Scottish Rugby has an £18 million hole in its finances due to the coronavirus but the backing of the bank to trade their way out of it again when rugby restarts, says chief executive Mark Dodson.
The organisation’s ambition is still “not to lose a body” – that is, no redundancies – through the pandemic but that meant cuts across every single department, and any disruption to next year’s Six Nations would drastically worsen the situation, admitted Dodson.
But the success in raising revenues prior to the pandemic have bought the governing body some time and the ability to borrow money to keep essential operations going, he said.
“We haven’t had any meaningful revenue since February and that is a tragedy because we trading incredibly well up to then,” he said. “We have been talking to the banks for the last three or four weeks and the reason for only talking about this now is that we wanted to wait until we had secured our bank facility, which we have done now.
“With our track record in increasing our revenues and also reducing our debt in our recent history, the bank recognise that we are well run and sound on a financial perspective, so that has given them confidence to provide this facility to take us through our pandemic.
“But it will mean that we are indebted again and we will have to trade ourselves out of it, by doing the same thing we did previously – aggressively pay down debt and increase revenues at the same time.
“We have a track-record of delivering that and I am very confident that we will trade through this pandemic to come out the other side with a sustainable, competitive and sound business.”
The organisation has budgeted for no crowds at any of the forthcoming November international window which may see as many as five international games played at BT Murrayfield in October and November, but are hopeful that being allowed a pilot at one of the restart 1872 Cup derbies at the end of this month may illustrate to the Scottish Government that they can safely host spectators for games at the stadium.
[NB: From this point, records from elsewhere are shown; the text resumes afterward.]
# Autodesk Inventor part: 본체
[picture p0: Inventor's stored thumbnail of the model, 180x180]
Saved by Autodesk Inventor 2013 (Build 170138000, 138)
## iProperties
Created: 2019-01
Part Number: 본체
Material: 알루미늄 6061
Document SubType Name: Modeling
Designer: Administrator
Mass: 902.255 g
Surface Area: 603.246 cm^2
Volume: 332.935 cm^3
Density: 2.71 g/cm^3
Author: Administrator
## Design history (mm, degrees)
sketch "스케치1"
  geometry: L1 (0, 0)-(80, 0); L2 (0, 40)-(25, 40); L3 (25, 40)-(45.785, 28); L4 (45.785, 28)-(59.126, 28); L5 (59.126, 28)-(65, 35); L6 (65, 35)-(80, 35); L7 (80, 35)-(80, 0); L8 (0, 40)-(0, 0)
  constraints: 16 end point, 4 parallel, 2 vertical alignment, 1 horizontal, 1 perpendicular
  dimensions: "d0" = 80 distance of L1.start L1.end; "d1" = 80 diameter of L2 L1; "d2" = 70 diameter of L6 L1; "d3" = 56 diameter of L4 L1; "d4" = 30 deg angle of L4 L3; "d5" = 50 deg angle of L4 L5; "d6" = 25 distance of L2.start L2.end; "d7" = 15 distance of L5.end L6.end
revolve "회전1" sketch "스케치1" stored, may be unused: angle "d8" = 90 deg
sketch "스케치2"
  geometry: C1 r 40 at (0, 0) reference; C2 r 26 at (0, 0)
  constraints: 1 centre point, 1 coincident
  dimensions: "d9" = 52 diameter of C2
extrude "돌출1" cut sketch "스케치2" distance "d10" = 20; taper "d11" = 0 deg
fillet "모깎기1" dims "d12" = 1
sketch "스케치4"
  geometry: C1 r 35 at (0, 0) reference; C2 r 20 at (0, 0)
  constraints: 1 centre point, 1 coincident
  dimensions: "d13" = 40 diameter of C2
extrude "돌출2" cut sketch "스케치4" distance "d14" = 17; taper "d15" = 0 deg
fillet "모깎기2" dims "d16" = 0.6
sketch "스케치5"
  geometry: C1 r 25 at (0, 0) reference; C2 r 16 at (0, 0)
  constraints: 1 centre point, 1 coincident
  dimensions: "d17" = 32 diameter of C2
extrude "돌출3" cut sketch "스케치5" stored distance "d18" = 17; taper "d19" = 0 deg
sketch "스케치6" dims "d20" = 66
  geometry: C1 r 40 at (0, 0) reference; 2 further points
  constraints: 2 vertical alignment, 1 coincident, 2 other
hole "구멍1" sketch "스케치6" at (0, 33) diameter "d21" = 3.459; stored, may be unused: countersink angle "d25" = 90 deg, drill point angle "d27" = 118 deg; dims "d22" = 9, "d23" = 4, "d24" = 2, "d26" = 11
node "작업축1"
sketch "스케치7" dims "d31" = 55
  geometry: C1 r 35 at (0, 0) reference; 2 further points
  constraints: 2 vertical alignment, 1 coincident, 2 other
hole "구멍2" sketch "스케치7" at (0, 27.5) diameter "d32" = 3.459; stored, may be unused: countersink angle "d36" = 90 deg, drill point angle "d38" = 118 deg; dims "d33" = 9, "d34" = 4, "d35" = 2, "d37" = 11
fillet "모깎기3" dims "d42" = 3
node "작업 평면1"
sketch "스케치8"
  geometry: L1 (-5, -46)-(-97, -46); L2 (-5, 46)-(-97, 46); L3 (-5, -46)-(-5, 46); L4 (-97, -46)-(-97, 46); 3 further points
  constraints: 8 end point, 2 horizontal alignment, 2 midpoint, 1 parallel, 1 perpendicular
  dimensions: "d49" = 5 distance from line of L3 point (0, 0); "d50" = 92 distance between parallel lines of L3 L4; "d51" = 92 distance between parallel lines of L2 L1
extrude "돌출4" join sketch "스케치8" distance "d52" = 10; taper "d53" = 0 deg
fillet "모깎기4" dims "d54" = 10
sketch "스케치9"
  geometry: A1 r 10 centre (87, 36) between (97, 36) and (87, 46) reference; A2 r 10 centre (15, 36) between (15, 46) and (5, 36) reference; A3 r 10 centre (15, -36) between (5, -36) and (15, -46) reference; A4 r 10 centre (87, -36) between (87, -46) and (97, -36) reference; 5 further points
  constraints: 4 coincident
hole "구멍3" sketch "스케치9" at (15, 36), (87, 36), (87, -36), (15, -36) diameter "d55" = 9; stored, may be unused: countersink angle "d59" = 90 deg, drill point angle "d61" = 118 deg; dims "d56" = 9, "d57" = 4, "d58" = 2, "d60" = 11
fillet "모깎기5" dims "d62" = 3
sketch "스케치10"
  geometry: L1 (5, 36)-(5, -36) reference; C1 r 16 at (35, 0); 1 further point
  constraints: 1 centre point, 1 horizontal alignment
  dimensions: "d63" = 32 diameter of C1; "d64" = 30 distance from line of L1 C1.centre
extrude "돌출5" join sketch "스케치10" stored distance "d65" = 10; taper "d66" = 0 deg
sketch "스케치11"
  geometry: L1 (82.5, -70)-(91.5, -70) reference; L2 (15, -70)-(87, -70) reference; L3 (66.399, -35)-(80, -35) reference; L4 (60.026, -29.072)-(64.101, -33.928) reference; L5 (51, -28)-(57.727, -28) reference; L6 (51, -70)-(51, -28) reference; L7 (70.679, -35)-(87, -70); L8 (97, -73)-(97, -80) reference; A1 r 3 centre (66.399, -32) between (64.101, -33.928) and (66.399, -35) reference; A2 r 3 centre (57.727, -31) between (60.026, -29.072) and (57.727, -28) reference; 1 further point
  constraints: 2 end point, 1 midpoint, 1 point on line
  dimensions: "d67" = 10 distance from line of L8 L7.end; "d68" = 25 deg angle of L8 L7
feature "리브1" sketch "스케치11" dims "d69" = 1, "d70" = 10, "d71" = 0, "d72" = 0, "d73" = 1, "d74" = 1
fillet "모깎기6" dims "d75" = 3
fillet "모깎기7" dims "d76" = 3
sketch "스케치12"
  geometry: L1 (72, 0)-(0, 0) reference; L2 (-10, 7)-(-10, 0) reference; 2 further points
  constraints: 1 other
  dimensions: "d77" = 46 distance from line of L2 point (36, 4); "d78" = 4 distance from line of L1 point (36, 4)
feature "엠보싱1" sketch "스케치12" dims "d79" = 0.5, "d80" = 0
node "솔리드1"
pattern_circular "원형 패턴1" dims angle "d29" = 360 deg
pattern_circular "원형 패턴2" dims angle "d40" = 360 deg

“We’re talking to the Scottish Government about a whole raft of things on a daily basis,” continued Dodson, and there had been a renewed reminder this week to players from club coaches and administrators about their responsibilities in the light of the situation at Aberdeen FC.
In the meantime, any spectator income from the elongated autumn tests would be a bonus, and broadcast interest for those game would also ease the burden, he added.
No redundancies was important because Murrayfield needed a “robust infrastructure” to bounce back, he said, but longer periods of wage cuts would be needed.
“‘We’re currently talking to our people about that,” he continued. “We have asked all our employees to take pay cuts, and we are humbled and respectful of how they have dealt with that up until now with their willingness to work with us through this crisis.
“That has been a meaningful contribution (to savings) but it is also about activity and things we are no longer doing, it is about budgets being trimmed across our commercial and other operations. We are making sure that this is a blended solution across the whole piece, without losing staff as we go because we are going to need them as we come back.”
Scottish Rugby was “a recruitment-free zone”, and 7s squad players will be incorporated into pro team squads – partly to help with player load as more games will be needed – but Murrayfield remains committed to a Scottish 7s team, he added.